2009 NCAA Bowl Projections, Part One: The SEC
Bowl season is almost upon us and with only two teams left (5-6 Army and 6-6 Hawaii) that can achieve bowl eligibility, it’s time to look at who is going where.
Over the next six days I will profile all 11 conferences (as well as the independents) and project who will end up where, with all projections based on the final week panning out without any upsets.
First up will be the conference likely to have the No. 1 team in the BCS, the Southeastern Conference.
Over the past few years, the SEC has been considered the best and/or toughest conference in the FBS. An SEC team has won four of the last six BCS National Championships (it could’ve been five if Auburn hadn’t been snubbed for the big game following a perfect 2004 season) and three in a row.
While the conference may have a little more parity this year than others—the SEC needs an LSU bowl victory to avoid having only two 10-game winners for the first time since 2002—it might be as deep as any conference ever has been.
The SEC has 10 bowl-eligible teams and nine automatic tie-ins, which means that even if they send two to the BCS (which is almost definite), all bowl slots will be filled.
The SEC has a whopping 10 out of 12 teams that qualify for postseason play, and 5-7 Mississippi State was close. Kind of puts into perspective how bad Vandy really is, no?
In order, first by record and then alphabetically, here are the 10 teams the SEC will send bowling:
Florida (12-0, East Division Champion)
Alabama (12-0, West Division Champion)
South Carolina (7-5)
Here, in order of selection, are the SEC's nine normal bowl affiliations:
No. 1: BCS (Sugar Bowl or BCS Championship Game)
No. 2: Capital One Bowl
Nos. 3-4: Cotton Bowl, Outback Bowl
No. 5: Chick-Fil-A Bowl
Nos. 6-7: Music City Bowl, Liberty Bowl
No. 8: Independence Bowl
No. 9: Papajohns.com Bowl
NOTE: If a second team besides the champion is selected for the BCS, then each non-BCS Bowl moves down one slot.
In the SEC, the tie-ins aren’t cut and dried.
For instance, the Capital One Bowl must take either the best available team or a team within one game of them.
With Nos. 3 and 4, the Cotton must take a team from the SEC West and the Outback must take a team from the SEC East.
And with Nos. 6 and 7, the Music City and Liberty work together with the SEC office to make the selections.
Projections and Synopsis
Projected Bowl selections:
No. 1: BCS Championship Game — Florida
No. 2: Sugar Bowl — Alabama
No. 3: Capital One Bowl — LSU
No. 4: Cotton Bowl — Mississippi
No. 5: Outback Bowl — Auburn
No. 6: Chick-Fil-A Bowl — Georgia
No. 7: Music City Bowl — Tennessee
No. 8: Liberty Bowl — Arkansas
No. 9: Independence Bowl — South Carolina
No. 10: Papajohns.com Bowl — Kentucky
It's very likely that the SEC will get all 10 bowl bids this year.
The winner of the Florida/Alabama SEC Championship Game is all but assured of being No. 1 in the BCS rankings and thus going to the BCS Championship.

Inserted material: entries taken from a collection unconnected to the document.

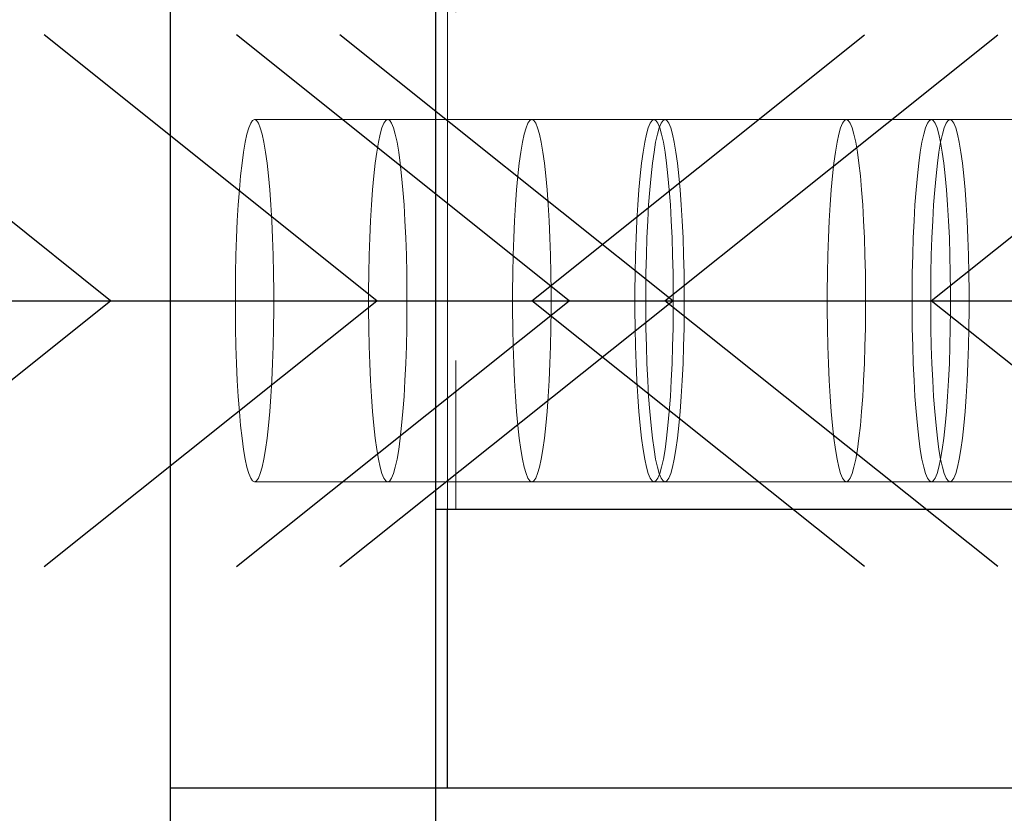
# Model space of a CAD drawing. Header units: millimetres. Extents: x 3526 to 4380, y 11541 to 12002.
# Tile 82 of 127: x 3921.8 to 3925.33, y 11855.3 to 11858.15. Entities that reach past the tile are written whole.
import ezdxf

# ---------------------------------------------------------------- set-up
doc = ezdxf.new("R2010")
doc.units = ezdxf.units.MM
doc.header["$LTSCALE"] = 10
doc.linetypes.add('HIDDEN', pattern=[0.375, 0.25, -0.125])
doc.linetypes.add('MITTE', pattern=[2, 1.25, -0.25, 0.25, -0.25])
doc.layers.get('Defpoints').update_dxf_attribs({"color": 1})
for name, color, linetype in [('PS_BOLT', 4, 'Continuous'), ('PS_MID', 5, 'MITTE'), ('PS_SHAPE', 3, 'Continuous')]:
    doc.layers.add(name, color=color, linetype=linetype)
for name, color, linetype, lineweight in [('PS_DIM', 4, 'Continuous', 13), ('PS_Hidden', 2, 'HIDDEN', 9), ('PS_SOLID', 7, 'Continuous', 30)]:
    doc.layers.add(name, color=color, linetype=linetype, lineweight=lineweight)
doc.styles.add('simplex', font='simplex.shx', dxfattribs={"width": 0.75})
doc.dimstyles.new('1_20_GŁ_DS1-LS20', dxfattribs={"dimtxt": 2, "dimasz": 2, "dimexe": 2, "dimexo": 5, "dimgap": 1, "dimtad": 1, "dimjust": 4, "dimdec": 0, "dimlfac": 20, "dimtxsty": 'simplex', "dimblk1": 'NONE', "dimsah": 1, "dimcen": 2, "dimclrd": 256, "dimclre": 256, "dimclrt": 4, "dimadec": 1, "dimazin": 0, "dimtfac": 1, "dimtdec": 0, "dimtmove": 2, "dimatfit": 3, "dimfxl": 1, "dimarcsym": 0})

# ---------------------------------------------------------------- blocks, each defined once
blk = doc.blocks.new('*D142')
at = {"layer": 'Defpoints', "color": 0, "transparency": 16777216}
for p in [(3922.3383, 11863.497), (3923.2902, 11856.3882), (3923.2902, 11843.1215)]:
    blk.add_point(p, dxfattribs=at)
at = {"layer": 'PS_DIM', "lineweight": -2, "transparency": 16777216}
for p, q in [((3922.3383, 11858.497), (3922.3383, 11841.1215)), ((3923.2902, 11851.3882), (3923.2902, 11841.1215)), ((3922.3383, 11843.1215), (3920.3383, 11843.1215)), ((3922.3383, 11843.1215), (3923.2902, 11843.1215)), ((3925.2902, 11843.1215), (3927.2902, 11843.1215))]:
    blk.add_line(p, q, dxfattribs=at)
at = {"layer": 'PS_DIM', "transparency": 16777216}
blk.add_solid([(3925.2902, 11843.4549), (3925.2902, 11842.7882), (3923.2902, 11843.1215)], dxfattribs=at)
at = {"layer": 'PS_DIM', "color": 4, "transparency": 16777216, "insert": (3920.3183, 11846.1058), "char_height": 2, "attachment_point": 5, "rotation": 90, "style": 'simplex'}
blk.add_mtext('-19', dxfattribs=at)
blk = doc.blocks.new('_None')
blk = doc.blocks.new('*D143')
at = {"layer": 'Defpoints', "color": 0, "transparency": 16777216}
for p in [(3923.2902, 11865.3882), (3923.2902, 11856.3882), (3923.2902, 11843.1215)]:
    blk.add_point(p, dxfattribs=at)
at = {"layer": 'PS_DIM', "lineweight": -2, "transparency": 16777216}
for p, q in [((3923.2902, 11860.3882), (3923.2902, 11841.1215)), ((3923.2902, 11851.3882), (3923.2902, 11841.1215)), ((3921.2902, 11843.1215), (3919.2902, 11843.1215)), ((3923.2902, 11843.1215), (3925.2902, 11843.1215))]:
    blk.add_line(p, q, dxfattribs=at)
at = {"layer": 'PS_DIM', "transparency": 16777216}
blk.add_solid([(3921.2902, 11843.4549), (3921.2902, 11842.7882), (3923.2902, 11843.1215)], dxfattribs=at)
at = {"layer": 'PS_DIM', "color": 4, "transparency": 16777216, "insert": (3925.1749, 11844.6415), "char_height": 2, "attachment_point": 5, "rotation": 90, "style": 'simplex'}
blk.add_mtext('0', dxfattribs=at)
blk = doc.blocks.new('*D144')
at = {"layer": 'Defpoints', "color": 0, "transparency": 16777216}
for p in [(3923.2902, 11856.3882), (3936.5144, 11854.8382), (3936.5144, 11843.1215)]:
    blk.add_point(p, dxfattribs=at)
at = {"layer": 'PS_DIM', "lineweight": -2, "transparency": 16777216}
for p, q in [((3923.2902, 11851.3882), (3923.2902, 11841.1215)), ((3936.5144, 11849.8382), (3936.5144, 11841.1215)), ((3923.2902, 11843.1215), (3934.5144, 11843.1215))]:
    blk.add_line(p, q, dxfattribs=at)
at = {"layer": 'PS_DIM', "transparency": 16777216}
blk.add_solid([(3934.5144, 11843.4549), (3934.5144, 11842.7882), (3936.5144, 11843.1215)], dxfattribs=at)
at = {"layer": 'PS_DIM', "color": 4, "transparency": 16777216, "insert": (3934.4944, 11846.1058), "char_height": 2, "attachment_point": 5, "rotation": 90, "style": 'simplex'}
blk.add_mtext('264', dxfattribs=at)
blk = doc.blocks.new('*D145')
at = {"layer": 'Defpoints', "color": 0, "transparency": 16777216}
for p in [(3923.2902, 11856.3882), (4043.2966, 11854.8382), (4043.2966, 11843.1215)]:
    blk.add_point(p, dxfattribs=at)
at = {"layer": 'PS_DIM', "lineweight": -2, "transparency": 16777216}
for p, q in [((3923.2902, 11851.3882), (3923.2902, 11841.1215)), ((4043.2966, 11849.8382), (4043.2966, 11841.1215)), ((3923.2902, 11843.1215), (4041.2966, 11843.1215))]:
    blk.add_line(p, q, dxfattribs=at)
at = {"layer": 'PS_DIM', "transparency": 16777216}
blk.add_solid([(4041.2966, 11843.4549), (4041.2966, 11842.7882), (4043.2966, 11843.1215)], dxfattribs=at)
at = {"layer": 'PS_DIM', "color": 4, "transparency": 16777216, "insert": (4041.2766, 11846.8201), "char_height": 2, "attachment_point": 5, "rotation": 90, "style": 'simplex'}
blk.add_mtext('4664', dxfattribs=at)
blk = doc.blocks.new('*D146')
at = {"layer": 'Defpoints', "color": 0, "transparency": 16777216}
for p in [(3923.2902, 11856.3882), (4053.2966, 11854.8382), (4053.2966, 11843.1215)]:
    blk.add_point(p, dxfattribs=at)
at = {"layer": 'PS_DIM', "lineweight": -2, "transparency": 16777216}
for p, q in [((3923.2902, 11851.3882), (3923.2902, 11841.1215)), ((4053.2966, 11849.8382), (4053.2966, 11841.1215)), ((3923.2902, 11843.1215), (4051.2966, 11843.1215))]:
    blk.add_line(p, q, dxfattribs=at)
at = {"layer": 'PS_DIM', "transparency": 16777216}
blk.add_solid([(4051.2966, 11843.4549), (4051.2966, 11842.7882), (4053.2966, 11843.1215)], dxfattribs=at)
at = {"layer": 'PS_DIM', "color": 4, "transparency": 16777216, "insert": (4051.2766, 11846.8201), "char_height": 2, "attachment_point": 5, "rotation": 90, "style": 'simplex'}
blk.add_mtext('4864', dxfattribs=at)
blk = doc.blocks.new('*D147')
at = {"layer": 'Defpoints', "color": 0, "transparency": 16777216}
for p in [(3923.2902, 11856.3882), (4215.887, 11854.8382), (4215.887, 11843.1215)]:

The loser, meanwhile, will be 12-1 and almost definitely the Sugar Bowl’s “replacement” pick.
Beyond that it’s a crap-shoot, meaning that geographical ties might play a big factor.
Based on the rules, the Capital One must take either LSU or Ole Miss. Being that the Tigers are the bigger “draw,” they will head to Orlando.
The Cotton must take a West team and since Ole Miss is the best team left, they will likely get a return trip to Dallas. The Rebels beat Texas Tech in a shootout at the Cotton last season.
The Outback then has a choice between six 7-5 teams. Being that they’re likely to get a Big Ten team that has been there within the last three years, they will avoid taking Tennessee for the third time in four seasons or bringing South Carolina back for a second straight year.
Among Kentucky, Georgia, Arkansas and Auburn, they’ll take the Tigers; Auburn would likely give the best matchup with a top Big Ten team and it’s a relatively short trip.
The Chick-Fil-A then gets a gift, as the hometown Georgia Bulldogs would get the nod. They’re also likely to get Clemson with their ACC pick, making it a true regional bowl.
The Music City and Liberty go next, and Tennessee will go to whichever game is “worse” to draw the hometown fans.
The Liberty has a C-USA No. 1 tie-in (either East Carolina or Houston) while the Music City will get either Boston College, Miami or Virginia Tech with their ACC No. 5 pick. Thus, the Volunteers will head to Memphis and the Music City Bowl will get a steal in Arkansas.
Left with a choice between Kentucky and South Carolina, the Independence Bowl will match up Steve Spurrier’s squad with a Big 12 opponent, sending the Wildcats to face a Big East foe in the Papajohns.com Bowl.